Je ne me targue habituellement pas de mon statut de Canadienne (qui me donne le privilège de faire les emplettes pour le bateau...), mais Hantsport est un peu mon petit chez-moi, et je considère la baie de Fundy comme mon entrée de garage.

Ce matin, en me levant, juste avant de prendre mon café rituel, je vais faire un tour sur le pont. Il est 06h, le soleil va bientôt se lever. L’air commence à fraîchir, on sent l’automne arriver. Mais ce qui frappe mon cerveau reptilien (le reste du cerveau n’est pas encore tout à fait éveillé), c’est le fumet! En fait, le cerveau reptilien ne sert qu’à ça, je crois : recevoir des fumets.

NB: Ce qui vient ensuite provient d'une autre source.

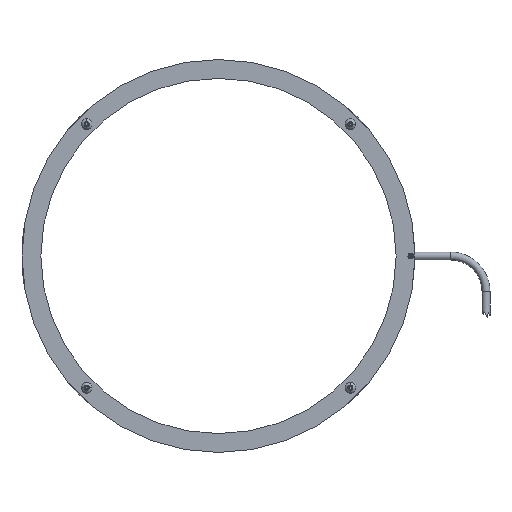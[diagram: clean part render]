
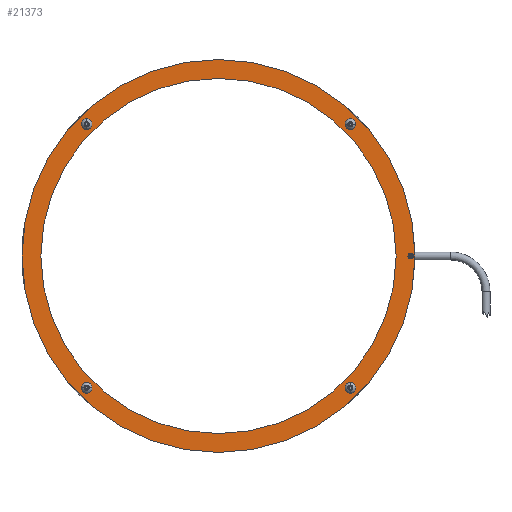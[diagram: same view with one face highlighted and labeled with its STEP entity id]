
A CAD part, front view. The second image highlights one B-rep face of the part: STEP entity #21373.
In plain terms, the highlighted planar face has unit normal (0, -1, 0).
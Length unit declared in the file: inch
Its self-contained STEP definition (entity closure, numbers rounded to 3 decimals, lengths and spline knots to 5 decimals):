
#494 = ORIENTED_EDGE ( 'NONE', *, *, #18476, .F. ) ;
#748 = DIRECTION ( 'NONE',  ( 0., 1., 0. ) ) ;
#794 = CARTESIAN_POINT ( 'NONE',  ( -3.71231, 0., -3.77727 ) ) ;
#941 = DIRECTION ( 'NONE',  ( 0., -1., 0. ) ) ;
#1123 = EDGE_CURVE ( 'NONE', #21962, #3245, #17221, .T. ) ;
#1138 = AXIS2_PLACEMENT_3D ( 'NONE', #24000, #23717, #10270 ) ;
#1243 = FACE_BOUND ( 'NONE', #9391, .T. ) ;
#1549 = EDGE_LOOP ( 'NONE', ( #20946, #4446 ) ) ;
#1552 = CIRCLE ( 'NONE', #11490, 0.06496 ) ;
#1573 = VERTEX_POINT ( 'NONE', #18741 ) ;
#1594 = CIRCLE ( 'NONE', #21352, 0.0795 ) ;
#1722 = CARTESIAN_POINT ( 'NONE',  ( 0., 0., 0. ) ) ;
#1880 = EDGE_CURVE ( 'NONE', #20982, #6910, #21778, .T. ) ;
#1904 = CIRCLE ( 'NONE', #20817, 0.0795 ) ;
#2118 = EDGE_CURVE ( 'NONE', #12452, #22565, #10524, .T. ) ;
#2193 = DIRECTION ( 'NONE',  ( 0., 1., 0. ) ) ;
#2621 = EDGE_CURVE ( 'NONE', #11438, #17516, #3036, .T. ) ;
#2997 = DIRECTION ( 'NONE',  ( 0., 0., 1. ) ) ;
#3036 = CIRCLE ( 'NONE', #8340, 0.06496 ) ;
#3245 = VERTEX_POINT ( 'NONE', #18936 ) ;
#3891 = CARTESIAN_POINT ( 'NONE',  ( -3.71231, 0., -3.71231 ) ) ;
#3965 = CIRCLE ( 'NONE', #28400, 0.06496 ) ;
#4446 = ORIENTED_EDGE ( 'NONE', *, *, #28472, .F. ) ;
#4846 = AXIS2_PLACEMENT_3D ( 'NONE', #8111, #17168, #5940 ) ;
#5439 = EDGE_LOOP ( 'NONE', ( #15371, #17021 ) ) ;
#5932 = CARTESIAN_POINT ( 'NONE',  ( -3.71231, 0., -3.71231 ) ) ;
#5940 = DIRECTION ( 'NONE',  ( 0., 0., -1. ) ) ;
#6085 = EDGE_LOOP ( 'NONE', ( #27495, #13385 ) ) ;
#6117 = DIRECTION ( 'NONE',  ( 0., -1., 0. ) ) ;
#6162 = CARTESIAN_POINT ( 'NONE',  ( 3.71231, 0., -3.64735 ) ) ;
#6168 = PLANE ( 'NONE',  #16723 ) ;
#6202 = CIRCLE ( 'NONE', #26985, 0.06496 ) ;
#6271 = CARTESIAN_POINT ( 'NONE',  ( 3.71231, 0., 3.64735 ) ) ;
#6585 = EDGE_CURVE ( 'NONE', #11167, #1573, #1552, .T. ) ;
#6663 = AXIS2_PLACEMENT_3D ( 'NONE', #1722, #15054, #12784 ) ;
#6844 = FACE_BOUND ( 'NONE', #13951, .T. ) ;
#6910 = VERTEX_POINT ( 'NONE', #9407 ) ;
#7425 = CARTESIAN_POINT ( 'NONE',  ( -3.71231, 0., 3.71231 ) ) ;
#8111 = CARTESIAN_POINT ( 'NONE',  ( 3.71231, 0., 3.71231 ) ) ;
#8197 = DIRECTION ( 'NONE',  ( 0., 0., -1. ) ) ;
#8340 = AXIS2_PLACEMENT_3D ( 'NONE', #5932, #6117, #8197 ) ;
#8423 = CIRCLE ( 'NONE', #1138, 0.06496 ) ;
#8456 = CARTESIAN_POINT ( 'NONE',  ( 3.71231, 0., 3.71231 ) ) ;
#8514 = EDGE_LOOP ( 'NONE', ( #17586, #17258 ) ) ;
#8804 = DIRECTION ( 'NONE',  ( 0., -1., 0. ) ) ;
#8816 = CARTESIAN_POINT ( 'NONE',  ( -3.71231, 0., 3.77727 ) ) ;
#8820 = CARTESIAN_POINT ( 'NONE',  ( 0., 0., 0. ) ) ;
#9078 = DIRECTION ( 'NONE',  ( 0., 1., 0. ) ) ;
#9391 = EDGE_LOOP ( 'NONE', ( #24783, #14505 ) ) ;
#9407 = CARTESIAN_POINT ( 'NONE',  ( 0., 0., -5. ) ) ;
#10270 = DIRECTION ( 'NONE',  ( 0., 0., -1. ) ) ;
#10524 = CIRCLE ( 'NONE', #18902, 0.06496 ) ;
#10921 = CIRCLE ( 'NONE', #4846, 0.06496 ) ;
#11066 = DIRECTION ( 'NONE',  ( 0., 0., -1. ) ) ;
#11100 = DIRECTION ( 'NONE',  ( 0., 0., 1. ) ) ;
#11167 = VERTEX_POINT ( 'NONE', #6271 ) ;
#11438 = VERTEX_POINT ( 'NONE', #25164 ) ;
#11490 = AXIS2_PLACEMENT_3D ( 'NONE', #8456, #22114, #26327 ) ;
#12175 = VERTEX_POINT ( 'NONE', #26115 ) ;
#12452 = VERTEX_POINT ( 'NONE', #14024 ) ;
#12548 = DIRECTION ( 'NONE',  ( 0., -1., 0. ) ) ;
#12612 = EDGE_CURVE ( 'NONE', #25430, #23276, #1904, .T. ) ;
#12784 = DIRECTION ( 'NONE',  ( 0., 0., 1. ) ) ;
#12846 = CIRCLE ( 'NONE', #27718, 5.53125 ) ;
#12873 = FACE_BOUND ( 'NONE', #5439, .T. ) ;
#12924 = CARTESIAN_POINT ( 'NONE',  ( -3.71231, 0., 3.71231 ) ) ;
#13377 = DIRECTION ( 'NONE',  ( 0., 0., -1. ) ) ;
#13385 = ORIENTED_EDGE ( 'NONE', *, *, #22091, .F. ) ;
#13432 = ORIENTED_EDGE ( 'NONE', *, *, #17078, .F. ) ;
#13951 = EDGE_LOOP ( 'NONE', ( #19315, #21371 ) ) ;
#14024 = CARTESIAN_POINT ( 'NONE',  ( 3.71231, 0., -3.77727 ) ) ;
#14266 = CARTESIAN_POINT ( 'NONE',  ( 0., 0., 0. ) ) ;
#14505 = ORIENTED_EDGE ( 'NONE', *, *, #25325, .F. ) ;
#15054 = DIRECTION ( 'NONE',  ( 0., 1., 0. ) ) ;
#15371 = ORIENTED_EDGE ( 'NONE', *, *, #20073, .T. ) ;
#15514 = DIRECTION ( 'NONE',  ( 0., 1., 0. ) ) ;
#15786 = DIRECTION ( 'NONE',  ( 0., 0., -1. ) ) ;
#16590 = DIRECTION ( 'NONE',  ( 0., 0., -1. ) ) ;
#16696 = DIRECTION ( 'NONE',  ( 0., -1., 0. ) ) ;
#16708 = DIRECTION ( 'NONE',  ( 0., 0., -1. ) ) ;
#16723 = AXIS2_PLACEMENT_3D ( 'NONE', #26870, #15514, #29061 ) ;
#17021 = ORIENTED_EDGE ( 'NONE', *, *, #1880, .T. ) ;
#17053 = DIRECTION ( 'NONE',  ( 0., 0., -1. ) ) ;
#17078 = EDGE_CURVE ( 'NONE', #12175, #24199, #6202, .T. ) ;
#17096 = FACE_BOUND ( 'NONE', #27220, .T. ) ;
#17168 = DIRECTION ( 'NONE',  ( 0., -1., 0. ) ) ;
#17221 = CIRCLE ( 'NONE', #6663, 5.53125 ) ;
#17252 = AXIS2_PLACEMENT_3D ( 'NONE', #14266, #748, #2997 ) ;
#17258 = ORIENTED_EDGE ( 'NONE', *, *, #24761, .F. ) ;
#17328 = CARTESIAN_POINT ( 'NONE',  ( 0., 0., 5. ) ) ;
#17516 = VERTEX_POINT ( 'NONE', #794 ) ;
#17554 = CIRCLE ( 'NONE', #22797, 0.06496 ) ;
#17586 = ORIENTED_EDGE ( 'NONE', *, *, #6585, .F. ) ;
#17726 = CARTESIAN_POINT ( 'NONE',  ( 5.41325, 0., 0.0795 ) ) ;
#18476 = EDGE_CURVE ( 'NONE', #24199, #12175, #3965, .T. ) ;
#18741 = CARTESIAN_POINT ( 'NONE',  ( 3.71231, 0., 3.77727 ) ) ;
#18844 = FACE_OUTER_BOUND ( 'NONE', #6085, .T. ) ;
#18902 = AXIS2_PLACEMENT_3D ( 'NONE', #26946, #8804, #15786 ) ;
#18936 = CARTESIAN_POINT ( 'NONE',  ( 0., 0., 5.53125 ) ) ;
#19315 = ORIENTED_EDGE ( 'NONE', *, *, #25360, .F. ) ;
#20073 = EDGE_CURVE ( 'NONE', #6910, #20982, #28136, .T. ) ;
#20463 = DIRECTION ( 'NONE',  ( 0., 0., 1. ) ) ;
#20578 = FACE_BOUND ( 'NONE', #1549, .T. ) ;
#20817 = AXIS2_PLACEMENT_3D ( 'NONE', #24331, #26662, #11066 ) ;
#20946 = ORIENTED_EDGE ( 'NONE', *, *, #12612, .F. ) ;
#20982 = VERTEX_POINT ( 'NONE', #17328 ) ;
#21352 = AXIS2_PLACEMENT_3D ( 'NONE', #27985, #941, #16708 ) ;
#21371 = ORIENTED_EDGE ( 'NONE', *, *, #2621, .F. ) ;
#21373 = ADVANCED_FACE ( 'NONE', ( #20578, #1243, #6844, #17096, #24111, #18844, #12873 ), #6168, .F. ) ;
#21778 = CIRCLE ( 'NONE', #17252, 5. ) ;
#21926 = CARTESIAN_POINT ( 'NONE',  ( 5.41325, 0., -0.0795 ) ) ;
#21962 = VERTEX_POINT ( 'NONE', #24609 ) ;
#22091 = EDGE_CURVE ( 'NONE', #3245, #21962, #12846, .T. ) ;
#22114 = DIRECTION ( 'NONE',  ( 0., -1., 0. ) ) ;
#22481 = AXIS2_PLACEMENT_3D ( 'NONE', #8820, #2193, #11100 ) ;
#22565 = VERTEX_POINT ( 'NONE', #6162 ) ;
#22631 = CARTESIAN_POINT ( 'NONE',  ( 0., 0., 0. ) ) ;
#22797 = AXIS2_PLACEMENT_3D ( 'NONE', #3891, #26518, #13377 ) ;
#23276 = VERTEX_POINT ( 'NONE', #17726 ) ;
#23717 = DIRECTION ( 'NONE',  ( 0., -1., 0. ) ) ;
#24000 = CARTESIAN_POINT ( 'NONE',  ( 3.71231, 0., -3.71231 ) ) ;
#24111 = FACE_BOUND ( 'NONE', #8514, .T. ) ;
#24199 = VERTEX_POINT ( 'NONE', #8816 ) ;
#24331 = CARTESIAN_POINT ( 'NONE',  ( 5.41325, 0., 0. ) ) ;
#24609 = CARTESIAN_POINT ( 'NONE',  ( 0., 0., -5.53125 ) ) ;
#24761 = EDGE_CURVE ( 'NONE', #1573, #11167, #10921, .T. ) ;
#24783 = ORIENTED_EDGE ( 'NONE', *, *, #2118, .F. ) ;
#25164 = CARTESIAN_POINT ( 'NONE',  ( -3.71231, 0., -3.64735 ) ) ;
#25325 = EDGE_CURVE ( 'NONE', #22565, #12452, #8423, .T. ) ;
#25360 = EDGE_CURVE ( 'NONE', #17516, #11438, #17554, .T. ) ;
#25430 = VERTEX_POINT ( 'NONE', #21926 ) ;
#26115 = CARTESIAN_POINT ( 'NONE',  ( -3.71231, 0., 3.64735 ) ) ;
#26327 = DIRECTION ( 'NONE',  ( 0., 0., -1. ) ) ;
#26518 = DIRECTION ( 'NONE',  ( 0., -1., 0. ) ) ;
#26662 = DIRECTION ( 'NONE',  ( 0., -1., 0. ) ) ;
#26870 = CARTESIAN_POINT ( 'NONE',  ( 0., 0., 0. ) ) ;
#26946 = CARTESIAN_POINT ( 'NONE',  ( 3.71231, 0., -3.71231 ) ) ;
#26985 = AXIS2_PLACEMENT_3D ( 'NONE', #7425, #16696, #16590 ) ;
#27220 = EDGE_LOOP ( 'NONE', ( #13432, #494 ) ) ;
#27495 = ORIENTED_EDGE ( 'NONE', *, *, #1123, .F. ) ;
#27718 = AXIS2_PLACEMENT_3D ( 'NONE', #22631, #9078, #20463 ) ;
#27985 = CARTESIAN_POINT ( 'NONE',  ( 5.41325, 0., 0. ) ) ;
#28136 = CIRCLE ( 'NONE', #22481, 5. ) ;
#28400 = AXIS2_PLACEMENT_3D ( 'NONE', #12924, #12548, #17053 ) ;
#28472 = EDGE_CURVE ( 'NONE', #23276, #25430, #1594, .T. ) ;
#29061 = DIRECTION ( 'NONE',  ( 0., 0., 1. ) ) ;

L’iode, les algues, le poisson, toutes ces senteurs maritimes qui disparaissent quand on est trop au large, ou bien près des côtes urbanisées…

Dans la baie de Fundy, les eaux ont une teinte brune, rouge et ocre. Rien à voir avec le turquoise des Antilles ou des Caraïbes. Mais tout de même rien à voir non plus avec la pollution de la rivière Hudson avec ses eaux malsaines. Ici, le sol même est rouge. Boueux. Et les marées de 13 mètres, les plus hautes au monde, contribuent à brasser le tout. Il s’agit donc d’un brun noble, donc acceptable pour ma fierté pan-canadienne. Les Rocheuses peuvent aller se rhabiller.


Trois heures avant la marée haute...


... et à la marée haute!

Hantsport, comme durée d'escale, c’est un clin d’œil dans nos voyages. Que dis-je, un frémissement de cil. Ou de poil de jambe. C’est rapide, c’est entre deux marées, c’est trois heures (maximum). On s’y prépare longtemps en avance. Nous planifions notre vitesse pour y arriver trois heures avant la marée haute, à lège, pour charger, à fond les manettes, avec deux convoyeurs, avant même que le «Finish with Engine» ne soit sonné sur le télégraphe. Puis on repart à l’étale de la marée haute, pour que la marée descendante nous guide vers le large. Mais surtout parce que dès que nous sommes chargés, si la marée descend d’un poil (de jambe?), nous touchons le fond.

Au-delà de la poésie du petit chez-soi romantique, une planification s’impose. Déjà, il faut décider qui du chef mécanicien ou de moi (second mécano) ira à terre. L’un de nous doit rester à bord. Celui qui sort gagnant de cette confrontation a cependant du pain sur la planche. Avec le chef polonais, c’est habituellement moi qui gagne (ou qui s'y colle). Une demi-heure avant la fin de la manœuvre, quand on commence à voir le quai au loin, le chef vient me remplacer dans la salle des machines. Je me hâte d’aller chercher mon courrier (arrivé via le remorqueur quelques minutes auparavant), histoire de voir si j’ai des comptes urgents à payer, puis je m’habille en civil. J’enfile pardessus mon civil : mon gilet de sauvetage, mon casque de sécurité, mes lunettes protectrices, qui constituent l'équipement réglementaire pour obtenir le droit de passer sur le quai.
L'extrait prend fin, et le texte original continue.